Data extract: Begin
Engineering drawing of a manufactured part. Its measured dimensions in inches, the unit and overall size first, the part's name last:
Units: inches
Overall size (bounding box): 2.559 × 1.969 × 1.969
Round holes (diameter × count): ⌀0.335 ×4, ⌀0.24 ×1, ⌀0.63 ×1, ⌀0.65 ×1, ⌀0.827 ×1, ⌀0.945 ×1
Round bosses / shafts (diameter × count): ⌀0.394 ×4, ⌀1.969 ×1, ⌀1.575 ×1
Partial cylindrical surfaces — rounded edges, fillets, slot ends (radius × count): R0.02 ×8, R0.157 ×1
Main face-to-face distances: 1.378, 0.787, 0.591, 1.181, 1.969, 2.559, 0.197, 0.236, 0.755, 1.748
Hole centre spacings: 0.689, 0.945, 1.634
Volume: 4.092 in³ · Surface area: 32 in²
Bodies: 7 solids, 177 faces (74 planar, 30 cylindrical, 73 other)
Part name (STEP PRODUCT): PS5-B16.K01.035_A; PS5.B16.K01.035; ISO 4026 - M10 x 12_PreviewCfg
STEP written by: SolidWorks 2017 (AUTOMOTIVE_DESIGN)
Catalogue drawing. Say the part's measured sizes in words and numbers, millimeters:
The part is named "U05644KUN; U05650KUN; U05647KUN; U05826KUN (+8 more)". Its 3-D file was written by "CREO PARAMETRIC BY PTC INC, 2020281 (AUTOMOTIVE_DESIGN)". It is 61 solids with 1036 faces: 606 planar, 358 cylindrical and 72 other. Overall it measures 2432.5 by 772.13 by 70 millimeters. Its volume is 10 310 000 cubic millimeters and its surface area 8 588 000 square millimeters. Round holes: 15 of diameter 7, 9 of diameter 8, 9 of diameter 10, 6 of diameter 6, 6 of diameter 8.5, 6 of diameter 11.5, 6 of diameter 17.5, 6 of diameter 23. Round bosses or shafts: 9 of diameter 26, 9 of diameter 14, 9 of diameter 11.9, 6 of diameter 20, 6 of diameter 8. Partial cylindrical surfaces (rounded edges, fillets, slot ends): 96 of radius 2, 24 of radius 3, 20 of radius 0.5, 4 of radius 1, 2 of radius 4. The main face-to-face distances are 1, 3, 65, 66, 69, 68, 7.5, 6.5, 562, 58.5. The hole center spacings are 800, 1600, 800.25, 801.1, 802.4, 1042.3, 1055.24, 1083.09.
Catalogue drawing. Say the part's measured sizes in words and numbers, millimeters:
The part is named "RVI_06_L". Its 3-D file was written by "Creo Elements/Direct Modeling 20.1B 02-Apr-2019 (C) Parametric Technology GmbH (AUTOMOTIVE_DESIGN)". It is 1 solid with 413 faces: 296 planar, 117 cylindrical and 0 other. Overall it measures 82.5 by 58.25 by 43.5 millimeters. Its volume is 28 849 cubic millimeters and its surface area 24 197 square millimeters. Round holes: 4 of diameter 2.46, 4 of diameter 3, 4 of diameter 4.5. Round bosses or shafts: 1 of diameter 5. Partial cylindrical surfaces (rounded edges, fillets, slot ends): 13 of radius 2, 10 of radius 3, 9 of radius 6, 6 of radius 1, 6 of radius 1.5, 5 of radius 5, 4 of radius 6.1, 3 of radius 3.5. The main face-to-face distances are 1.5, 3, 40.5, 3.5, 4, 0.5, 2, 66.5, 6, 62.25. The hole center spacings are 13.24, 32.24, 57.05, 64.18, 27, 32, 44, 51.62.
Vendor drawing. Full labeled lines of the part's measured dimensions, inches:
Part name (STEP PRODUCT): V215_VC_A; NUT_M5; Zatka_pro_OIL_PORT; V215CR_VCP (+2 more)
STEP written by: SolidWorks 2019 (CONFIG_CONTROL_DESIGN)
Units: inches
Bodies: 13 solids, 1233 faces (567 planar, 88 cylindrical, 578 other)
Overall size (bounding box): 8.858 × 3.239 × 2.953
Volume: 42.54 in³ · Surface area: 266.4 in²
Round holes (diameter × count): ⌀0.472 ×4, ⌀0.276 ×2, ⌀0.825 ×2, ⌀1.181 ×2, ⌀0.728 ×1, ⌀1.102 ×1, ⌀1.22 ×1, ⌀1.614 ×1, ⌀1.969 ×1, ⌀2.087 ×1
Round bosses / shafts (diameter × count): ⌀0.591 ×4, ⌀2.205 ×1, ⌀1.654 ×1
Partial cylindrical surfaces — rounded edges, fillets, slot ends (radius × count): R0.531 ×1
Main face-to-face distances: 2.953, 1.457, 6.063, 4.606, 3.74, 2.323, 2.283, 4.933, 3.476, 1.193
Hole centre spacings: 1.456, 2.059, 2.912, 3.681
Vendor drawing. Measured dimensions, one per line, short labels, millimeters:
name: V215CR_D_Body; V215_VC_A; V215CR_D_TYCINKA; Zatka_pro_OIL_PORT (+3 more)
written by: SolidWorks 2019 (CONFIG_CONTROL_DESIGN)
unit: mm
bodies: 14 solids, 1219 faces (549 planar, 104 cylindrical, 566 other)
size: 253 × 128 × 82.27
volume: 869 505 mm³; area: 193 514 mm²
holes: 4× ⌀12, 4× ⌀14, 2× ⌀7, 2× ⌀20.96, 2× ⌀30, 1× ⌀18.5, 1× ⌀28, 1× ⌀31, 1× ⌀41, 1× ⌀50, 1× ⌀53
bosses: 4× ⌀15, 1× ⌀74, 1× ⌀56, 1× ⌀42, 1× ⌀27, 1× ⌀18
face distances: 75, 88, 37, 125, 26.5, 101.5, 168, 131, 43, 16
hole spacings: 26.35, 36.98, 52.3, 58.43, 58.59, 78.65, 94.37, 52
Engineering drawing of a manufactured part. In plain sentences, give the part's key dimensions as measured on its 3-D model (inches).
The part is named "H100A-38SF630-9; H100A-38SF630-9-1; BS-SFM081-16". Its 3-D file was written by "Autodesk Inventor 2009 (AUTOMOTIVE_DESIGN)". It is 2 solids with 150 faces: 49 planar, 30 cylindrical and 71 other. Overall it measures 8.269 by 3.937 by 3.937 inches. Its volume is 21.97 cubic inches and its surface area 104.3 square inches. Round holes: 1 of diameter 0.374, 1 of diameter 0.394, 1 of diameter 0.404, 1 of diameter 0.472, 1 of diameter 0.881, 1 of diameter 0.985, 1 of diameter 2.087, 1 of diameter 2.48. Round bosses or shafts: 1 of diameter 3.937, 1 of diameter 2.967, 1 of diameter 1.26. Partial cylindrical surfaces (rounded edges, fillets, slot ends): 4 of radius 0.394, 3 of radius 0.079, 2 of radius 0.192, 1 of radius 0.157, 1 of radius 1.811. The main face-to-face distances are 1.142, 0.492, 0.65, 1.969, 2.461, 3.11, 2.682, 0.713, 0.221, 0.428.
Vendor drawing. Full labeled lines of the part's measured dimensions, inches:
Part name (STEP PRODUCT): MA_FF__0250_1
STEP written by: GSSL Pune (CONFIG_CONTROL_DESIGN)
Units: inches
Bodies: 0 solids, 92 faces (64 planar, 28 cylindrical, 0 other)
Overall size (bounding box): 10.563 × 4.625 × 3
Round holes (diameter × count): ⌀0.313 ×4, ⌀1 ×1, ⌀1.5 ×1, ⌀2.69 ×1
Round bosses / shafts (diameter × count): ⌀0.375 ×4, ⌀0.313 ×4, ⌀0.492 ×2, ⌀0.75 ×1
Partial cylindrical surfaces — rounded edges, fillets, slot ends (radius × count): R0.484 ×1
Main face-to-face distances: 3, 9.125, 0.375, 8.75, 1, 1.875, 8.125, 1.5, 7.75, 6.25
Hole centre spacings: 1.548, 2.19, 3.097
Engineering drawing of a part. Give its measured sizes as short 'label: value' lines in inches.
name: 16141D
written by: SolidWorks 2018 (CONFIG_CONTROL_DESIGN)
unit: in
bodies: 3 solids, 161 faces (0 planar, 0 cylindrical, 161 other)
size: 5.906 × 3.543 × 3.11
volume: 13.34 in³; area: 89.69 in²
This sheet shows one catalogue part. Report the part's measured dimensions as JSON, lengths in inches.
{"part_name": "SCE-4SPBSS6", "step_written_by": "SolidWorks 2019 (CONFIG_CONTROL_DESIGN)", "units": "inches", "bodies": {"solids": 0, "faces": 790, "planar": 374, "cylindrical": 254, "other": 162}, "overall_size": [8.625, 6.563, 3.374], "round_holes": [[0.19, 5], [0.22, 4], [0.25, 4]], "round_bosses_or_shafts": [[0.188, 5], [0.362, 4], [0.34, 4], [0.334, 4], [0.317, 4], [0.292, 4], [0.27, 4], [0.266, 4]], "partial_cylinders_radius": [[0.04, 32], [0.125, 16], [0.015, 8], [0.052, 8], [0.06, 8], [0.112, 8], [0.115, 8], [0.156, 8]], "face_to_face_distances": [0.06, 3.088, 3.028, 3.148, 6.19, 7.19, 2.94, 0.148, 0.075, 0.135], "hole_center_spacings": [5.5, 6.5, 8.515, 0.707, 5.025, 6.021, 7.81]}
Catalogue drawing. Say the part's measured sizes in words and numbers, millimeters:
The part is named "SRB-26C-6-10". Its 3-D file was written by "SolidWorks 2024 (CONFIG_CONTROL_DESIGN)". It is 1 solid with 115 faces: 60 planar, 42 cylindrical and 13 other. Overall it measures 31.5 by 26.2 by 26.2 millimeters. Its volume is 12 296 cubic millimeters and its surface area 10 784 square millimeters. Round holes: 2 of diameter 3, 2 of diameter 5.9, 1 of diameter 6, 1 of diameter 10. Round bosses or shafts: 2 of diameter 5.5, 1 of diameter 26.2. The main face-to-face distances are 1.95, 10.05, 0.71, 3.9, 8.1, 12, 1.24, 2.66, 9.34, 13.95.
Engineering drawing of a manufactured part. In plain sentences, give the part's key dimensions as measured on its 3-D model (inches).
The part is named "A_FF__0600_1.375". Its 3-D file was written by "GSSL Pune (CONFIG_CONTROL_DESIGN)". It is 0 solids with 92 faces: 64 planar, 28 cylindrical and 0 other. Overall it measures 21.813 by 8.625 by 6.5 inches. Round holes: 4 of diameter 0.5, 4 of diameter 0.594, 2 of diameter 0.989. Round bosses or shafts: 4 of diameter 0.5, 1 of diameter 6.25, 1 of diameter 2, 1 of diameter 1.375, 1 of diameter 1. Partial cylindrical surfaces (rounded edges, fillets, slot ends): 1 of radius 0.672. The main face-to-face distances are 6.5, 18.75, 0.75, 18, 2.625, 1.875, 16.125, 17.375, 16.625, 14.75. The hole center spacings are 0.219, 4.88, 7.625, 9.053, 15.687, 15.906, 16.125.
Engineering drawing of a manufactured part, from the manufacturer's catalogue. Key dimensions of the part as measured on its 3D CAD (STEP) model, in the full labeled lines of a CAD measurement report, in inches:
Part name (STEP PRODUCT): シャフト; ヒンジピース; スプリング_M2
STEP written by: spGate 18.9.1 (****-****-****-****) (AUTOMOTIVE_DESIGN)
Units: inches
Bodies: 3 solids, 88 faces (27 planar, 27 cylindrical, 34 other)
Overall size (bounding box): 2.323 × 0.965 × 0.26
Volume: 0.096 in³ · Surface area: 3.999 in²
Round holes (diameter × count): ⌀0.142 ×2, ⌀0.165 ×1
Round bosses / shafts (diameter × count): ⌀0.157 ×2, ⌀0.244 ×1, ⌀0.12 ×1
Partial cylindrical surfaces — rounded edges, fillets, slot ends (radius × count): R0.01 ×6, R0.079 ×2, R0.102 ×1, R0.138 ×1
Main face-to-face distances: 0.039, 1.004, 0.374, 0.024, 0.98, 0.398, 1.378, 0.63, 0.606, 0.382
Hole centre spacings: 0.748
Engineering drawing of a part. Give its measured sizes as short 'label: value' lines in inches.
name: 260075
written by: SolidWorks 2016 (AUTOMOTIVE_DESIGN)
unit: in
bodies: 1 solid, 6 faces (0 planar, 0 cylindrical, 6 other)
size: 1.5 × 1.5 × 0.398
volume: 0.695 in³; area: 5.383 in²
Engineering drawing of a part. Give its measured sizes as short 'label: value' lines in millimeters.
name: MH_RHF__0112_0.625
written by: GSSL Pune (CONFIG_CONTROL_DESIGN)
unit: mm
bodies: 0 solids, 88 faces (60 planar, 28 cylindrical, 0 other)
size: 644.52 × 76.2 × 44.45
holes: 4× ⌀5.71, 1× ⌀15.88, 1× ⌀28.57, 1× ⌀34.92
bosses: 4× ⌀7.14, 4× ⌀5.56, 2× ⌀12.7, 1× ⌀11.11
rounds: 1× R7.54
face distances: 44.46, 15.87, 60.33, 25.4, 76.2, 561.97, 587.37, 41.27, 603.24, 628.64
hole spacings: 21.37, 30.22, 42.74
Data extract: End
All lines in the data that contain the word "manufactured" should be copied.

Engineering drawing of a manufactured part. Its measured dimensions in inches, the unit and overall size first, the part's name last:
Engineering drawing of a manufactured part. In plain sentences, give the part's key dimensions as measured on its 3-D model (inches).
Engineering drawing of a manufactured part. In plain sentences, give the part's key dimensions as measured on its 3-D model (inches).
Engineering drawing of a manufactured part, from the manufacturer's catalogue. Key dimensions of the part as measured on its 3D CAD (STEP) model, in the full labeled lines of a CAD measurement report, in inches:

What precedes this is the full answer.